News Bola Daerah Sulawesi Sumatera Jabar Banten Jateng DI Yogya Jatim Bali

Jusuf Kalla Ungkap Perbedaan Mencolok Saat Jadi Wakil Presiden RI di Era SBY dan Jokowi, Ternyata...

Adapun Jusuf Kalla diketahui pernah menjadi wakil presiden RI sebanyak dua kali, yang pertama, Jusuf Kalla mendampingi Presiden RI ke-6 Susilo Bambang Yudhoyono
Rabu, 19 Oktober 2022 - 10:50 WIB
Susilo Bambang Yudhoyono, Jokowi, dan Jusuf Kalla
Sumber :
  • Kolase Tvonenews.com

Jakarta - Sosok Jusuf Kalla menjadi salah satu sosok yang paling familiar di era pemerintahan era Susilo Bambang Yudhoyono atau SBY. 

Jusuf Kalla Ungkap Perbedaan Mencolok Saat Jadi Wakil Presiden RI di Era SBY dan Jokowi, Ternyata...

ADVERTISEMENT

GULIR UNTUK LANJUT BACA

Ya, adapun Jusuf Kalla diketahui pernah menjadi wakil presiden RI sebanyak dua kali, yang pertama, Jusuf Kalla mendampingi Presiden RI ke-6 Susilo Bambang Yudhoyono atau SBY pada periode 2004-2009.
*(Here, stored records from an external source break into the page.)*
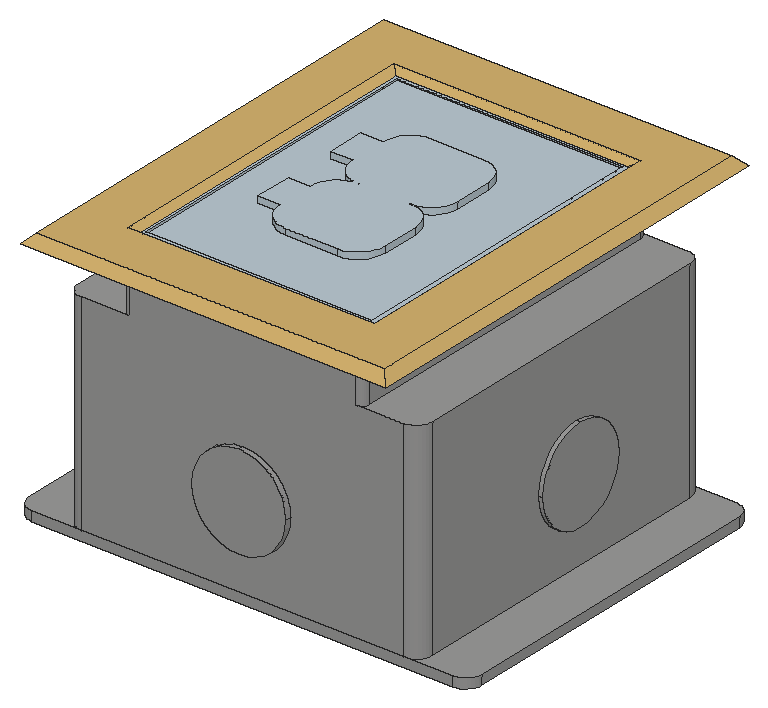
Revit family "Electrical_Equipment-Floor_Box-Hubbell_Wiring-1_Gang-Rectangular_Stamped_Steel-B2431", category Electrical Fixtures, host Face, Revit 2015
Parameters (values of type "BA2431 - 1 Gang - Aluminum Collar")
  Unit Height [instance] = 0' - 3 23/32"  # constant formula
  URL = "http://www.hubbell-wiring.com/"
  Product data url = "https://bimobject.com/hubbellwiring/product/systemone-b2431"
  Product Page URL = "http://ecatalog.hubbell-wiring.com/productinformation/viewcatalog.aspx?Dest=hubbell-wiring.com/press/catalog/L.pdf&Page=4"
  Product Documentation Link = "http://ecatalog.hubbell-wiring.com/press/catalog/L-13.pdf"
  Model = "BA2431"
  Manufacturer = "Hubbell-Wiring"  # constant formula
  Floor Box Type = Stamped Steel Concrete Floor Box : BA2431 - Deep Concrete Floor Box
  Description = "Flush Rectangular Stamped Steel Concrete Floor Box"  # constant formula
  Default Elevation = 0' - 0"
  Cover Type [instance] = Covers : SA3825 - Duplex Flap - Aluminum
  Cover Accessory Type [instance] = Carpet Flange : SA3083 - Carpet Flange - Aluminum
  Construction Note [instance] = "Match Collar Material to Cover"  # constant formula
  Conduit Connector_6 Description = "Conduit 1.25in, 1.0in or 0.75in. Connection"
  Conduit Connector_5 Description = "Conduit 1.25in, 1.0in or 0.75in. Connection"
  Conduit Connector_4 Description = "Conduit 1.25in, 1.0in or 0.75in. Connection"
  Conduit Connector_3 Description = "Conduit 1.25in, 1.0in or 0.75in. Connection"
  Conduit Connector_2 Description = "Conduit 1.25in, 1.0in or 0.75in. Connection"
  Conduit Connector_1 Description = "Conduit 1.25in, 1.0in or 0.75in. Connection"
  Conduit Connector 1 Radius = 0' - 0 5/8"
  Collar Material = Metal-Hubbell-Aluminum
  Box Material = Metal-Hubbell-Stamped Steel
  Assembly Code = "D5020115"
Types (2): name | Model | Floor Box Type | Cover Type | Cover Accessory Type | Collar Material
  B2431 - 1 Gang - Brass Collar | "B2431" | Stamped Steel Concrete Floor Box : B2431 - Deep Concrete Floor Box | Covers : S3825 - Duplex Flap - Brass | Carpet Flange : SB3083 - Carpet Flange - Brass | Metal-Hubbell-Brass
  BA2431 - 1 Gang - Aluminum Collar | "BA2431" | Stamped Steel Concrete Floor Box : BA2431 - Deep Concrete Floor Box | Covers : SA3825 - Duplex Flap - Aluminum | Carpet Flange : SA3083 - Carpet Flange - Aluminum | Metal-Hubbell-Aluminum
Reference planes (in)
  plane 1 "Center (Front/Back)": y = 0
  plane 2: z = 0
  plane 3 "Center (Left/Right)": x = 0
  plane 4: y = -2.078
  plane 5: y = 2.078
  plane 6: x = -1.4965
  plane 7: x = 1.4965
Forms (in)
  Extrusion 1, void, detail levels fine
    sketch origin (0, 0, 0) x (1, 0, 0) y (0, 1, 0)
      loop
        line (-1.4965, 2.078) -> (-1.4965, -2.078) -> (1.4965, -2.078) -> (1.4965, 2.078) -> (-1.4965, 2.078)
    from 0 to -3.71875
Lines and regions (in)
  symbolic lines
    curve 1: line (-2.42578, -3, 0) -> (2.42578, -3, 0)
    curve 2: line (-2.42578, 3, 0) -> (-2.42578, -3, 0)
    curve 3: line (2.42578, 3, 0) -> (-2.42578, 3, 0)
    curve 4: line (2.42578, -3, 0) -> (2.42578, 3, 0)
Dimensions and locks (in)
  locked: host face to nested 3 at 0.04297
  locked: host face to nested 1 at 0.16916
  plane 5 to plane 1 "Center (Front/Back)" to plane 4 = 0' - 2.078" locked, 0' - 2.078" locked
  plane 6 to plane 3 "Center (Left/Right)" to plane 7 = 0' - 1.4965" locked, 0' - 1.4965" locked
  Extrusion 1 to plane 3 "Center (Left/Right)" = 0' - 1.4965"
  aligned and locked: plane 2 to host face
  aligned and locked: level to host face
  aligned: level to Extrusion 1
  aligned and locked: plane 1 "Center (Front/Back)" to nested 1
  aligned: plane 2 to nested 1  (x4)
  aligned: Extrusion 1 to nested 1  (x7)
  aligned and locked: plane 1 "Center (Front/Back)" to nested 2
  aligned and locked: plane 3 "Center (Left/Right)" to nested 2
  aligned and locked: plane 3 "Center (Left/Right)" to nested 1
  aligned: nested 2 to plane 2  (x2)
  aligned: nested 2 to Extrusion 1
  aligned: nested 1 to Extrusion 1  (x2)
  aligned: Extrusion 1 to nested 2
  aligned and locked: nested 2 to plane 2
  aligned and locked: host face to Extrusion 1
  aligned and locked: plane 3 "Center (Left/Right)" to nested 3
  aligned and locked: plane 1 "Center (Front/Back)" to nested 3
  aligned and locked: Extrusion 1 to plane 5
  aligned and locked: Extrusion 1 to plane 4
  aligned and locked: plane 6 to Extrusion 1
  aligned and locked: plane 7 to Extrusion 1
  aligned and locked: nested 1 to Extrusion 1
  aligned and locked: curve 1 to nested 2
  aligned and locked: curve 2 to nested 2
  aligned and locked: curve 3 to nested 2
  aligned and locked: curve 4 to nested 2
Nested families (in)
  nested 1: "Stamped Steel Concrete Floor Box" at (0, 0, 0), Unit Height <- "Unit Height", type "B2431 - Deep Concrete Floor Box"
    with Unit Height 0' - 3 23/32"
  nested 2: "Carpet Flange" at (0, 0, 0), type <- "Cover Accessory Type", type "SA3083 - Carpet Flange - Aluminum"
  nested 3: "Covers" at (0, 0, -0.04297), type <- "Cover Type", type "SA3825 - Duplex Flap - Aluminum"
Connectors (in)
  cabletrayconduit at (0, -2.4075, -2.46875), diameter 1.25, driven by "Conduit Connector 1 Radius", driven by "Conduit Connector_1 Description"
    settings: on nested 1, index 1, connector width 1' - 0", connector height 1' - 0", connector angle 0.00°, system type 32, placement type 0, profile type 0, connector reference index -1, is primary connector yes, connector utility param no, connector description "Conduit 1.25in, 1.0in or 0.75in. Connection"
  cabletrayconduit at (2.40556, 0.25, -2.46875), diameter 1.25, driven by "Conduit Connector 1 Radius", driven by "Conduit Connector_2 Description"
    settings: on nested 1, index 2, connector width 1' - 0", connector height 1' - 0", connector angle 0.00°, system type 32, placement type 0, profile type 0, connector reference index -1, is primary connector no, connector utility param no, connector description "Conduit 1.25in, 1.0in or 0.75in. Connection"
  cabletrayconduit at (0, 2.4075, -2.46875), diameter 1.25, driven by "Conduit Connector 1 Radius", driven by "Conduit Connector_3 Description"
    settings: on nested 1, index 3, connector width 1' - 0", connector height 1' - 0", connector angle 0.00°, system type 32, placement type 0, profile type 0, connector reference index -1, is primary connector no, connector utility param no, connector description "Conduit 1.25in, 1.0in or 0.75in. Connection"
  cabletrayconduit at (-2.40944, 0, -2.46875), diameter 1.25, driven by "Conduit Connector 1 Radius", driven by "Conduit Connector_4 Description"
    settings: on nested 1, index 4, connector width 1' - 0", connector height 1' - 0", connector angle 0.00°, system type 32, placement type 0, profile type 0, connector reference index -1, is primary connector no, connector utility param no, connector description "Conduit 1.25in, 1.0in or 0.75in. Connection"
  cabletrayconduit at (-1.30931, 0, -3.78125), diameter 1.25, driven by "Conduit Connector 1 Radius"
    settings: on nested 1, index 5, connector width 1' - 0", connector height 1' - 0", connector angle 0.00°, system type 32, placement type 0, profile type 0, connector reference index -1, is primary connector no, connector utility param no, connector description ""
  cabletrayconduit at (1.30931, 0, -3.78125), diameter 1.25, driven by "Conduit Connector 1 Radius"
    settings: on nested 1, index 6, connector width 1' - 0", connector height 1' - 0", connector angle 0.00°, system type 32, placement type 0, profile type 0, connector reference index -1, is primary connector no, connector utility param no, connector description ""
Definition of nested family "Stamped Steel Concrete Floor Box"
  Parameters
    Unit Height [instance] = 0' - 3 23/32"  # constant formula
    Cover Material = none
    Conduit Connector Offset = 0' - 1 1/4"  # constant formula
    Conduit Connector 1 Radius = 0' - 0 5/8"
    Can Material = none
    Assembly Code = ""
  Reference planes (in)
    plane 1 "Center (Front/Back)": y = 0
    plane 2: z = 0
    plane 3 "Center (Left/Right)": x = 0
    plane 4: z = -3.71875
    plane 5: z = -2.46875
    plane 6: z = -0.82416
    plane 7: z = -3.59375
  Forms (in)
    Extrusion 1, solid, material <- "Can Material"
      sketch origin (0, 0, 0) x (1, 0, 0) y (0, 0, -1)
        loop
          arc (-0.625, 2.46875) -> (-0.44194, 2.02681) -> (0, 1.84375) r 0.625
          arc (0, 1.84375) -> (0.44194, 2.02681) -> (0.625, 2.46875) r 0.625
          arc (0.625, 2.46875) -> (0.44194, 2.91069) -> (0, 3.09375) r 0.625
          arc (0, 3.09375) -> (-0.44194, 2.91069) -> (-0.625, 2.46875) r 0.625
      from -2.13518 to -2.4075
    Extrusion 2, solid, material <- "Can Material"
      sketch origin (0, 0, 0) x (1, 0, 0) y (0, 0, 1)
        loop
          arc (-0.625, -2.46875) -> (-0.44194, -2.91069) -> (0, -3.09375) r 0.625
          arc (0, -3.09375) -> (0.44194, -2.91069) -> (0.625, -2.46875) r 0.625
          arc (0.625, -2.46875) -> (0.44194, -2.02681) -> (0, -1.84375) r 0.625
          arc (0, -1.84375) -> (-0.44194, -2.02681) -> (-0.625, -2.46875) r 0.625
      from -2.345 to -2.4075
    Extrusion 3, solid, material <- "Can Material"
      sketch origin (0.07413, 0, 0) x (0, 1, 0) y (0, 0, -1)
        loop
          arc (-0.375, 2.46875) -> (-0.19194, 2.02681) -> (0.25, 1.84375) r 0.625
          arc (0.25, 1.84375) -> (0.69194, 2.02681) -> (0.875, 2.46875) r 0.625
          arc (0.875, 2.46875) -> (0.69194, 2.91069) -> (0.25, 3.09375) r 0.625
          arc (0.25, 3.09375) -> (-0.19194, 2.91069) -> (-0.375, 2.46875) r 0.625
      from -2.26893 to -2.33143
    Extrusion 4, solid, material <- "Can Material"
      sketch origin (0, 0, 0) x (0, 1, 0) y (0, 0, 1)
        loop
          arc (-0.625, -2.46875) -> (-0.44194, -2.91069) -> (0, -3.09375) r 0.625
          arc (0, -3.09375) -> (0.44194, -2.91069) -> (0.625, -2.46875) r 0.625
          arc (0.625, -2.46875) -> (0.44194, -2.02681) -> (0, -1.84375) r 0.625
          arc (0, -1.84375) -> (-0.44194, -2.02681) -> (-0.625, -2.46875) r 0.625
      from -2.34694 to -2.40944
    Extrusion 5, solid, material <- "Cover Material"
      sketch origin (0, 0, 0.22509) x (1, 0, 0) y (0, 1, 0)
        loop
          line (-1.4965, 2.078) -> (-1.4965, -2.078) -> (1.4965, -2.078) -> (1.4965, 2.078) -> (-1.4965, 2.078)
        loop
          arc (-1.49742, 2.345) -> (-1.57311, 2.31365) -> (-1.60446, 2.23796) r 0.10704
          line (-1.60446, 2.23796) -> (-1.60446, -2.23167)
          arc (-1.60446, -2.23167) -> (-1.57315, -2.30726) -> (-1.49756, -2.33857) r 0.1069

Kemudian yang kedua, saat itu, Jusuf Kalla menjadi wakil presiden mendampingi Presiden RI ke-7 Joko Widodo atau Jokowi di periode 2014-2019.


Mantan Wakil Presiden RI Periode 2004-2009 dan 2014-2019, Jusuf Kalla. (ist)

Hal tersebut menjadikan Jusuf Kalla sebagai orang pertama yang menjabat sebagai wakil presiden Indonesia sebanyak dua kali secara tidak berturut-turut.

Dalam wawancaranya beberapa tahun silam, saat itu Jusuf Kalla pernah mengatakan bahwa ia adalah juara Indonesia.

"Ya, saya itu juara Indonesia, tak ada orang seperti saya," kata Jusuf Kalla, Jumat (26/10/2017) dalam sebuah wawancaranya di sebuah stasiun televisi swasta.

Ucapan soal dia adalah juara Indonesia maksudnya adalah, menurutnya, dia satu-satunya orang Indonesia yang mengikuti tiga kali pemilihan presiden dan wakil presiden (saat itu sebelum Prabowo resmi maju di Pilpres 2019).

Saat itu, Jusuf Kalla pernah maju di Pilpres 2004, 2009, dan 2014. 

Dan hasilnya, dua kali menang dan satu kali kalah.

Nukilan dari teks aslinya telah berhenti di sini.